# Invisalign / Teeth Whitening



## barrowvian (Sep 6, 2008)

I'm going for project vain at the moment. I used to play rugby quite a lot and have had my teeth bashed around a bit because of it. I want to get the straightened out but don't want to go down the train track route to do it.

Does anyone have any experience of invisalign treatment, and if so how did you find it? I know it can be quite expensive but it'll be worth it in the long run.

Also, I want to have my teeth whitening so that they are nice and pearly again. A few people have told me that the best option is to get the dentist to make me up a tray and then do it myself at home. Anyone heard about this or have any experiences of it? Toothpaste in the UK is pretty weak in comparison to some brands abroad, apparently it is something to do with the PPM flouride content? Can anyone recommend a great whitening paste and even a whitening kit that pretty cost effective?

Cheers guys


----------



## stevo99 (Nov 28, 2008)

get a whitening kit made by your dentist or you could try a home kit if your confident

polarnight is a great product, the 16% bleach


----------



## Ash_87 (Jan 9, 2010)

i went to get invisalign and i was told i couldn't get it because your teeth have to be 7/10 for it to work and mine were 5/10 now i have tracks but behind the teeth so you cant see them


----------



## barrowvian (Sep 6, 2008)

Cheers guys.

Ash, when you say 7/10 , 5/10 what do you mean by that?
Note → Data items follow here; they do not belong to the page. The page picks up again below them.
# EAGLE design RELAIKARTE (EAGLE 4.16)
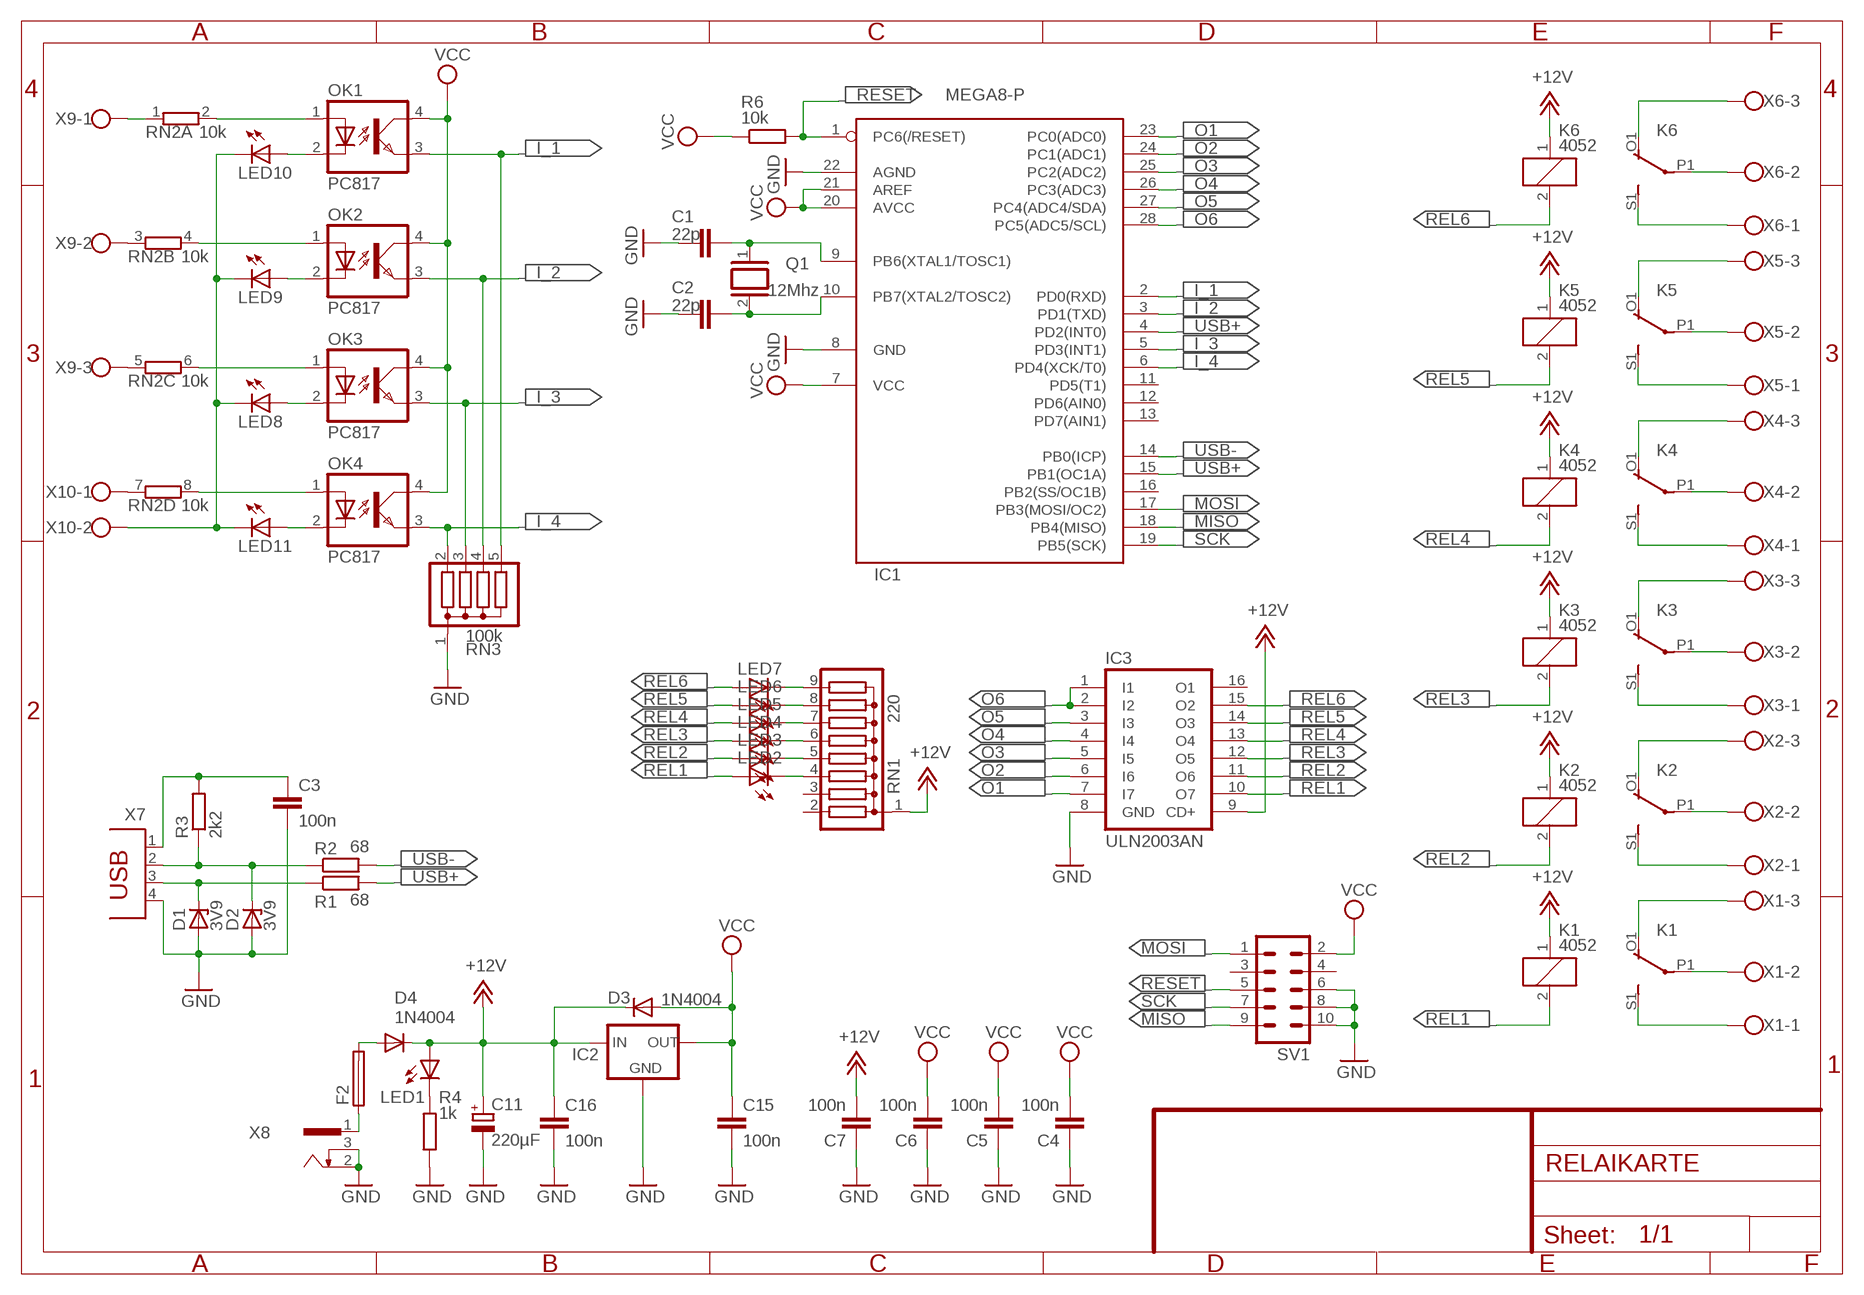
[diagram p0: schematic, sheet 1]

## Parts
C1  22p  C-EU025-024X044  [C025-024X044]
C2  22p  C-EU025-024X044  [C025-024X044]
C3  100n  C-EU050-024X044  [C050-024X044]
C4  100n  C-EU025-024X044  [C025-024X044]
C5  100n  C-EU025-024X044  [C025-024X044]
C6  100n  C-EU025-024X044  [C025-024X044]
C7  100n  C-EU025-024X044  [C025-024X044]
C11  220µF  CPOL-EUE3.5-8  [E3,5-8]
C15  100n  C-EU050-024X044  [C050-024X044]
C16  100n  C-EU050-024X044  [C050-024X044]
D1  3V9  BZX55  [DO35Z10]
D2  3V9  BZX55  [DO35Z10]
D3  1N4004  [DO41-10]
D4  1N4004  [DO41-10]
F2  PICOFUSE  [PICOFUSE]
IC1  MEGA8-P  [DIL28-3]
IC2  78XXS  [78XXS]
IC3  ULN2003AN  [DIL16]
K1  4052  [F4052]
K2  4052  [F4052]
K3  4052  [F4052]
K4  4052  [F4052]
K5  4052  [F4052]
K6  4052  [F4052]
LED1  LEDSQR2X5  [LED2X5]
LED2  LEDSQR2X5  [LED2X5]
LED3  LEDSQR2X5  [LED2X5]
LED4  LEDSQR2X5  [LED2X5]
LED5  LEDSQR2X5  [LED2X5]
LED6  LEDSQR2X5  [LED2X5]
LED7  LEDSQR2X5  [LED2X5]
LED8  LEDSQR2X5  [LED2X5]
LED9  LEDSQR2X5  [LED2X5]
LED10  LEDSQR2X5  [LED2X5]
LED11  LEDSQR2X5  [LED2X5]
OK1  PC817  [DIL04]
OK2  PC817  [DIL04]
OK3  PC817  [DIL04]
OK4  PC817  [DIL04]
Q1  12Mhz  XTAL/S  [QS]
R1  68  R-EU_0207/10  [0207/10]
R2  68  R-EU_0207/10  [0207/10]
R3  2k2  R-EU_0207/10  [0207/10]
R4  1k  R-EU_0207/10  [0207/10]
R6  10k  R-EU_0207/10  [0207/10]
RN1  220  G08R  [SIL9]
RN2  10k  E4R  [SIL8]
RN3  100k  G04R  [SIL5]
SV1  ML10  [ML10]
X1  W237-103  [W237-103]
X2  W237-103  [W237-103]
X3  W237-103  [W237-103]
X4  W237-103  [W237-103]
X5  W237-103  [W237-103]
X6  W237-103  [W237-103]
X7  PN61729  [PN61729]
X8  SCD-014A  [SCD-014-A]
X9  W237-3E  [W237-3E]
X10  W237-02P  [W237-132]

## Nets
+12V: C7.2 C11.+ C16.1 D3.C D4.C IC2.IN IC3.9(CD+) K1.1 K2.1 K3.1 K4.1 K5.1 K6.1 LED1.A RN1.1
GND: C1.1 C2.1 C3.2 C4.1 C5.1 C6.1 C7.1 C11.- C15.2 C16.2 D1.A D2.A IC1.8(GND) IC1.22(AGND) IC2.GND IC3.8(GND) R4.1 RN3.1 SV1.6 SV1.8 SV1.10 X7.4 X8.2 X8.3
I_1: IC1.2(PD0(RXD)) OK1.3(EMIT) RN3.5
I_2: IC1.3(PD1(TXD)) OK2.3(EMIT) RN3.4
I_3: IC1.5(PD3(INT1)) OK3.3(EMIT) RN3.3
I_4: IC1.6(PD4(XCK/T0)) OK4.3(EMIT) RN3.2
MISO: IC1.18(PB4(MISO)) SV1.9
MOSI: IC1.17(PB3(MOSI/OC2)) SV1.1
N$1: C1.2 IC1.9(PB6(XTAL1/TOSC1)) Q1.1
N$2: K5.P1(2:P) X5.2
N$3: K6.P1(2:P) X6.2
N$4: C2.2 IC1.10(PB7(XTAL2/TOSC2)) Q1.2
N$5: D1.C R1.1 X7.3
N$6: D2.C R2.1 R3.1 X7.2
N$7: C3.1 R3.2 X7.1
N$8: LED1.K(C) R4.2
N$9: K1.S1(2:S) X1.1
N$10: K1.O1(2:O) X1.3
N$11: K2.S1(2:S) X2.1
N$12: K2.O1(2:O) X2.3
N$13: K3.S1(2:S) X3.1
N$14: K3.O1(2:O) X3.3
N$15: K4.S1(2:S) X4.1
N$16: K4.O1(2:O) X4.3
N$17: K5.S1(2:S) X5.1
N$18: K5.O1(2:O) X5.3
N$19: K6.S1(2:S) X6.1
N$20: K6.O1(2:O) X6.3
N$21: D4.A F2.2
N$22: F2.1 X8.1
N$25: K1.P1(2:P) X1.2
N$27: K2.P1(2:P) X2.2
N$28: K3.P1(2:P) X3.2
N$29: K4.P1(2:P) X4.2
N$31: OK1.1(A) RN2.2
N$32: OK2.1(A) RN2.4
N$33: LED7.K(C) RN1.9
N$34: LED6.K(C) RN1.8
N$35: LED5.K(C) RN1.7
N$36: LED4.K(C) RN1.6
N$37: LED3.K(C) RN1.5
N$38: LED2.K(C) RN1.4
N$39: OK3.1(A) RN2.6
N$40: OK4.1(A) RN2.8
N$41: RN2.1 X9.1
N$42: RN2.3 X9.2
N$43: RN2.5 X9.3
N$44: RN2.7 X10.1
N$45: LED8.K(C) LED9.K(C) LED10.K(C) LED11.K(C) X10.2
N$46: LED10.A OK1.2(C)
N$47: LED9.A OK2.2(C)
N$48: LED8.A OK3.2(C)
N$49: LED11.A OK4.2(C)
O1: IC1.23(PC0(ADC0)) IC3.7(I7)
O2: IC1.24(PC1(ADC1)) IC3.6(I6)
O3: IC1.25(PC2(ADC2)) IC3.5(I5)
O4: IC1.26(PC3(ADC3)) IC3.4(I4)
O5: IC1.27(PC4(ADC4/SDA)) IC3.3(I3)
O6: IC1.28(PC5(ADC5/SCL)) IC3.1(I1) IC3.2(I2)
REL1: IC3.10(O7) K1.2 LED2.A
REL2: IC3.11(O6) K2.2 LED3.A
REL3: IC3.12(O5) K3.2 LED4.A
REL4: IC3.13(O4) K4.2 LED5.A
REL5: IC3.14(O3) K5.2 LED6.A
REL6: IC3.15(O2) K6.2 LED7.A
RESET: IC1.1(PC6(/RESET)) R6.2 SV1.5
SCK: IC1.19(PB5(SCK)) SV1.7
USB+: IC1.4(PD2(INT0)) IC1.15(PB1(OC1A)) R1.2
USB-: IC1.14(PB0(ICP)) R2.2
VCC: C4.2 C5.2 C6.2 C15.1 D3.A IC1.7(VCC) IC1.20(AVCC) IC1.21(AREF) IC2.OUT OK1.4(COL) OK2.4(COL) OK3.4(COL) OK4.4(COL) R6.1 SV1.2
Unconnected: IC1.11(PD5(T1)) IC1.12(PD6(AIN0)) IC1.13(PD7(AIN1)) IC1.16(PB2(SS/OC1B)) IC3.16(O1) K1.O2(3:O) K1.P2(3:P) K1.S2(3:S) K2.O2(3:O) K2.P2(3:P) K2.S2(3:S) K3.O2(3:O) K3.P2(3:P) K3.S2(3:S) K4.O2(3:O) K4.P2(3:P) K4.S2(3:S) K5.O2(3:O) K5.P2(3:P) K5.S2(3:S) K6.O2(3:O) K6.P2(3:P) K6.S2(3:S) RN1.2 RN1.3 SV1.3 SV1.4

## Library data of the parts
C1-C7 C15 C16 = rcl:C-EU: CAPACITOR, European symbol
C11 = rcl:CPOL-EU: POLARIZED CAPACITOR, European symbol
D1 D2 = diode:BZX55: Z DIODE
D3 D4 = diode:1N4004: DIODE
F2 = fuse:PICOFUSE: PICOFUSE
IC1 = avr-1:MEGA8-P: MICROCONTROLLER 8 Kbytes FLASH 1 kbytes SRAM 512 bytes EEPROM USART 4-channel 10 bit ADC 2-channel 8 bit ADC
IC2 = v-reg:78XXS: VOLTAGE REGULATOR
IC3 = uln-udn:ULN2003A: DRIVER ARRAY
K1-K6 = relay:4052: RELAY 2 x switch, Finder
LED1-LED11 = led:LED: LED
OK1-OK4 = optocoupler:PC817: SHARP OPTO COUPLER
Q1 = special:XTAL/S: CRYSTAL
R1-R4 R6 = rcl:R-EU_: RESISTOR, European symbol
RN1 = resistor-sil:G08R: SIL RESISTOR
RN2 = resistor-sil:E4R: SIL RESISTOR
RN3 = resistor-sil:G04R: SIL RESISTOR
SV1 = con-harting-ml:ML10: HARTING
X1-X6 = con-wago-500:W237-103: WAGO SCREW CLAMP
X7 = con-berg:PN61729: BERG USB connector
X8 = con-shiua-chyuan:SCD-014A: Power Jack 2.5mm
X9 = con-wago-508:W237-3E: WAGO SREW CLAMP
X10 = con-wago-508:W237-02P: WAGO SREW CLAMP

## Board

What are the costs of having tacks compared to invisalign?


----------



## Threepwood (Nov 12, 2009)

Ash_87 said:


> i went to get invisalign and i was told i couldn't get it because your teeth have to be 7/10 for it to work and mine were 5/10 now i have tracks but behind the teeth so you cant see them


Interesting.. how much are tracks behind the teeth mate ??


----------



## mattyt (Nov 10, 2011)

I'm on tray 7 of 48 of my invisalgn . I'm paying £3500 , which includes the whitening at the end . To be knownest mate my teeth ain't that straight at all , I have two teeth set back about 10 mm ! And extreme over crowding . So it's well worth enquiring . I was told about it from my dentist as he is the one who practices this in my surgery .

Please any questions mate ask


----------



## mattyt (Nov 10, 2011)

Just noticed , an old thread , a update on your situation will be interesting ,


----------



## Dananaman (Jan 2, 2013)

Prowhitesmile.com

Basic kit is less than £20. It does the job.


----------



## Mars (Aug 25, 2007)

I used these, they are very, very good and my teeth were badly stained, 6 months later and they are still just as white. I noticed the difference by day 3 and only ended up using 14 double strips.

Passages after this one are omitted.